RDF Handbook V3 by VE3RDD

a very big thanks to Al Duncan Ve3RRD for sharing


Radio Direction Finding
Al Duncan – VE3RRD

v3 – March 2012
Radio direction finding or RDF has been around since before World War One. From the time of the invention of radio, there has been a desire to know from what direction a radio signal was arriving at the listener’s radio receiving antenna.
Amateur Radio has found several uses for RDF:

Hunting down interfering radio signals, both accidental and malicious interference to repeaters (affecting both ham and commercial communications, including emergency services).

Helping to locate downed aircraft by DFing their emergency locator beacons (ELT).

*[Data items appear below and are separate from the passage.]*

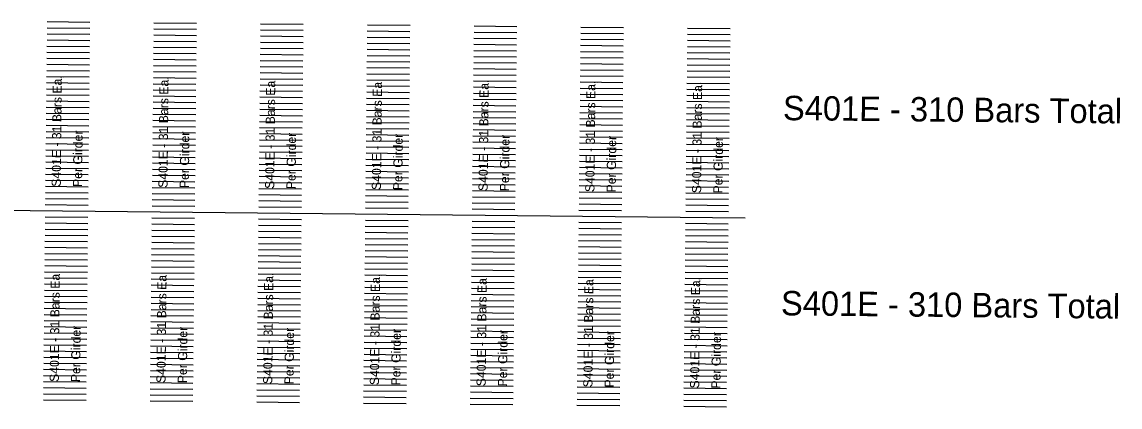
# Model space of a CAD drawing. Extents: x 632547 to 633311, y 380830 to 386139.
# Drawn here: x 633157.1 to 633247.1, y 381273.9 to 381305.5 of the extents above; entities that cross this region are included whole.
import ezdxf

# ---------------------------------------------------------------- set-up
doc = ezdxf.new("R2010")
doc.units = 0
for name, color, linetype in [('B_Border', 7, 'Continuous'), ('R_Border_Scale', 7, 'Continuous'), ('R_Wall', 7, 'Continuous')]:
    doc.layers.add(name, color=color, linetype=linetype)

msp = doc.modelspace()

# ---------------------------------------------------------------- linework, layer by layer
at = {"layer": 'B_Border'}
msp.add_line((633216.37, 381289.395), (633099.316, 381290.579), dxfattribs=at)
at = {"layer": 'R_Border_Scale'}
for p, q in [((633162.65, 381304.939), (633159.15, 381304.975)), ((633162.655, 381305.439), (633159.155, 381305.475)), ((633171.399, 381304.851), (633167.899, 381304.886)), ((633171.404, 381305.351), (633167.904, 381305.386)), ((633180.149, 381304.762), (633176.649, 381304.798)), ((633180.154, 381305.262), (633176.654, 381305.298)), ((633188.898, 381304.674), (633185.398, 381304.709)), ((633188.903, 381305.174), (633185.403, 381305.209)), ((633197.653, 381305.085), (633194.153, 381305.121)), ((633206.402, 381304.997), (633202.903, 381305.032)), ((633215.152, 381304.908), (633211.652, 381304.944)), ((633162.639, 381303.939), (633159.14, 381303.975)), ((633162.644, 381304.439), (633159.145, 381304.475)), ((633171.389, 381303.851), (633167.889, 381303.886)), ((633171.394, 381304.351), (633167.894, 381304.386)), ((633180.144, 381304.262), (633176.644, 381304.298)), ((633188.893, 381304.174), (633185.393, 381304.209)), ((633197.643, 381304.085), (633194.143, 381304.121)), ((633197.648, 381304.585), (633194.148, 381304.621)), ((633206.392, 381303.997), (633202.892, 381304.032)), ((633206.397, 381304.497), (633202.897, 381304.532)), ((633215.142, 381303.908), (633211.642, 381303.944)), ((633215.147, 381304.408), (633211.647, 381304.444)), ((633162.629, 381302.94), (633159.129, 381302.975)), ((633162.634, 381303.44), (633159.135, 381303.475)), ((633171.384, 381303.351), (633167.884, 381303.386)), ((633180.133, 381303.262), (633176.634, 381303.298)), ((633180.139, 381303.762), (633176.639, 381303.798)), ((633188.883, 381303.174), (633185.383, 381303.209)), ((633188.888, 381303.674), (633185.388, 381303.709)), ((633197.633, 381303.085), (633194.133, 381303.121)), ((633197.638, 381303.585), (633194.138, 381303.621)), ((633206.382, 381302.997), (633202.882, 381303.032)), ((633206.387, 381303.497), (633202.887, 381303.532)), ((633215.132, 381302.908), (633211.632, 381302.944)), ((633215.137, 381303.408), (633211.637, 381303.444)), ((633162.624, 381302.44), (633159.124, 381302.475)), ((633171.374, 381302.351), (633167.874, 381302.386)), ((633171.379, 381302.851), (633167.879, 381302.886)), ((633180.123, 381302.263), (633176.624, 381302.298)), ((633180.128, 381302.763), (633176.629, 381302.798)), ((633188.873, 381302.174), (633185.373, 381302.209)), ((633188.878, 381302.674), (633185.378, 381302.709)), ((633197.622, 381302.085), (633194.123, 381302.121)), ((633197.628, 381302.585), (633194.128, 381302.621)), ((633206.372, 381301.997), (633202.872, 381302.032)), ((633206.377, 381302.497), (633202.877, 381302.532)), ((633215.127, 381302.408), (633211.627, 381302.444)), ((633162.614, 381301.44), (633159.114, 381301.475)), ((633162.619, 381301.94), (633159.119, 381301.975)), ((633171.364, 381301.351), (633167.864, 381301.387)), ((633171.369, 381301.851), (633167.869, 381301.886)), ((633180.113, 381301.263), (633176.613, 381301.298)), ((633180.118, 381301.763), (633176.618, 381301.798)), ((633188.863, 381301.174), (633185.363, 381301.209)), ((633188.868, 381301.674), (633185.368, 381301.709)), ((633197.612, 381301.086), (633194.113, 381301.121)), ((633197.617, 381301.586), (633194.118, 381301.621)), ((633206.367, 381301.497), (633202.867, 381301.532)), ((633215.116, 381301.408), (633211.617, 381301.444)), ((633215.122, 381301.908), (633211.622, 381301.944)), ((633162.604, 381300.44), (633159.104, 381300.475)), ((633162.609, 381300.94), (633159.109, 381300.975)), ((633171.354, 381300.351), (633167.854, 381300.387)), ((633171.359, 381300.851), (633167.859, 381300.887)), ((633180.103, 381300.263), (633176.603, 381300.298)), ((633180.108, 381300.763), (633176.608, 381300.798)), ((633188.853, 381300.174), (633185.353, 381300.21)), ((633188.858, 381300.674), (633185.358, 381300.709)), ((633197.607, 381300.586), (633194.107, 381300.621)), ((633206.357, 381300.497), (633202.857, 381300.532)), ((633206.362, 381300.997), (633202.862, 381301.032)), ((633215.106, 381300.409), (633211.607, 381300.444)), ((633215.111, 381300.909), (633211.612, 381300.944)), ((633162.594, 381299.44), (633159.094, 381299.475)), ((633162.599, 381299.94), (633159.099, 381299.975)), ((633171.343, 381299.351), (633167.844, 381299.387)), ((633171.349, 381299.851), (633167.849, 381299.887)), ((633180.098, 381299.763), (633176.598, 381299.798)), ((633188.848, 381299.674), (633185.348, 381299.71)), ((633197.597, 381299.586), (633194.097, 381299.621)), ((633197.602, 381300.086), (633194.102, 381300.121)), ((633206.347, 381299.497), (633202.847, 381299.533)), ((633206.352, 381299.997), (633202.852, 381300.032)), ((633215.096, 381299.409), (633211.596, 381299.444)), ((633215.101, 381299.909), (633211.601, 381299.944)), ((633162.584, 381298.44), (633159.084, 381298.475)), ((633162.589, 381298.94), (633159.089, 381298.975)), ((633171.338, 381298.851), (633167.839, 381298.887)), ((633180.088, 381298.763), (633176.588, 381298.798)), ((633180.093, 381299.263), (633176.593, 381299.298)), ((633188.837, 381298.674), (633185.338, 381298.71)), ((633188.843, 381299.174), (633185.343, 381299.21)), ((633197.587, 381298.586), (633194.087, 381298.621)), ((633197.592, 381299.086), (633194.092, 381299.121)), ((633206.337, 381298.497), (633202.837, 381298.533)), ((633206.342, 381298.997), (633202.842, 381299.033)), ((633215.086, 381298.409), (633211.586, 381298.444)), ((633215.091, 381298.909), (633211.591, 381298.944)), ((633162.579, 381297.94), (633159.079, 381297.975)), ((633171.328, 381297.851), (633167.828, 381297.887)), ((633171.333, 381298.351), (633167.834, 381298.387)), ((633180.078, 381297.763), (633176.578, 381297.798)), ((633180.083, 381298.263), (633176.583, 381298.298)), ((633188.827, 381297.674), (633185.328, 381297.71)), ((633188.832, 381298.174), (633185.333, 381298.21)), ((633197.577, 381297.586), (633194.077, 381297.621)), ((633197.582, 381298.086), (633194.082, 381298.121)), ((633206.326, 381297.497), (633202.827, 381297.533)), ((633206.332, 381297.997), (633202.832, 381298.033)), ((633215.081, 381297.909), (633211.581, 381297.944)), ((633162.569, 381296.94), (633159.069, 381296.975)), ((633162.574, 381297.44), (633159.074, 381297.475)), ((633171.318, 381296.851), (633167.818, 381296.887)), ((633171.323, 381297.351), (633167.823, 381297.387)), ((633180.068, 381296.763), (633176.568, 381296.798)), ((633180.073, 381297.263), (633176.573, 381297.298)), ((633188.817, 381296.674), (633185.317, 381296.71)), ((633188.822, 381297.174), (633185.322, 381297.21)), ((633197.567, 381296.586), (633194.067, 381296.621)), ((633197.572, 381297.086), (633194.072, 381297.121)), ((633206.321, 381296.997), (633202.822, 381297.033)), ((633215.071, 381296.909), (633211.571, 381296.944)), ((633215.076, 381297.409), (633211.576, 381297.444)), ((633162.558, 381295.94), (633159.059, 381295.975)), ((633162.564, 381296.44), (633159.064, 381296.475)), ((633171.308, 381295.851), (633167.808, 381295.887)), ((633171.313, 381296.351), (633167.813, 381296.387)), ((633180.058, 381295.763), (633176.558, 381295.798)), ((633180.063, 381296.263), (633176.563, 381296.298)), ((633188.807, 381295.674), (633185.307, 381295.71)), ((633188.812, 381296.174), (633185.312, 381296.21)), ((633197.562, 381296.086), (633194.062, 381296.121)), ((633206.311, 381295.997), (633202.811, 381296.033)), ((633206.316, 381296.497), (633202.817, 381296.533)), ((633215.061, 381295.909), (633211.561, 381295.944)), ((633215.066, 381296.409), (633211.566, 381296.444)), ((633162.548, 381294.94), (633159.049, 381294.975)), ((633162.553, 381295.44), (633159.054, 381295.475)), ((633171.298, 381294.851), (633167.798, 381294.887)), ((633171.303, 381295.351), (633167.803, 381295.387)), ((633180.053, 381295.263), (633176.553, 381295.298)), ((633188.802, 381295.174), (633185.302, 381295.21)), ((633197.552, 381295.086), (633194.052, 381295.121)), ((633197.557, 381295.586), (633194.057, 381295.621)), ((633206.301, 381294.997), (633202.801, 381295.033)), ((633206.306, 381295.497), (633202.806, 381295.533)), ((633215.051, 381294.909), (633211.551, 381294.944)), ((633215.056, 381295.409), (633211.556, 381295.444)), ((633162.538, 381293.94), (633159.038, 381293.975)), ((633162.543, 381294.44), (633159.043, 381294.475)), ((633171.293, 381294.351), (633167.793, 381294.387)), ((633180.042, 381294.263), (633176.543, 381294.298)), ((633180.047, 381294.763), (633176.548, 381294.798)), ((633188.792, 381294.174), (633185.292, 381294.21)), ((633188.797, 381294.674), (633185.297, 381294.71)), ((633197.542, 381294.086), (633194.042, 381294.121)), ((633197.547, 381294.586), (633194.047, 381294.621)), ((633206.291, 381293.997), (633202.791, 381294.033)), ((633206.296, 381294.497), (633202.796, 381294.533)), ((633215.041, 381293.909), (633211.541, 381293.944)), ((633215.046, 381294.409), (633211.546, 381294.444)), ((633162.533, 381293.44), (633159.033, 381293.475)), ((633171.283, 381293.352), (633167.783, 381293.387)), ((633171.288, 381293.851), (633167.788, 381293.887)), ((633180.032, 381293.263), (633176.532, 381293.298)), ((633180.037, 381293.763), (633176.538, 381293.798)), ((633188.782, 381293.174), (633185.282, 381293.21)), ((633188.787, 381293.674), (633185.287, 381293.71)), ((633197.531, 381293.086), (633194.032, 381293.121)), ((633197.536, 381293.586), (633194.037, 381293.621)), ((633206.281, 381292.997), (633202.781, 381293.033)), ((633206.286, 381293.497), (633202.786, 381293.533)), ((633215.036, 381293.409), (633211.536, 381293.444)), ((633162.523, 381292.44), (633159.023, 381292.475)), ((633162.528, 381292.94), (633159.028, 381292.975)), ((633171.273, 381292.352), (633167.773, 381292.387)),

The entertaining sport of “fox”, “bunny” or T-hunting.
It is “fox hunting” that has spread through many ham radio clubs around the world as a very exciting and fun aspect of the hobby. Fox hunting can take many forms of transmitter hunting, from a person hiding within a few blocks of the starting point with his handheld and periodically making a transmission while others try to find him on foot using directional antennas; to a competition with multiple unmanned automatic transmitters scattered over a course that can be several hundred kilometers long – the entrants being required to find each transmitter in proper order with a minimum number of kilometers driven. Another variation called ARDF or radio orienteering is popular in Europe (just gaining popularity in North America) and includes jogging or running from one low power hidden transmitter to another while carrying RDF equipment in a timed race.
What makes fox hunting so popular?

The social aspect of getting together with others with similar interests.

Anyone can take part – you don’t need a ham license since only a receiver is required.

The satisfaction of building your own equipment such as an antenna or attenuator for use in RDFing.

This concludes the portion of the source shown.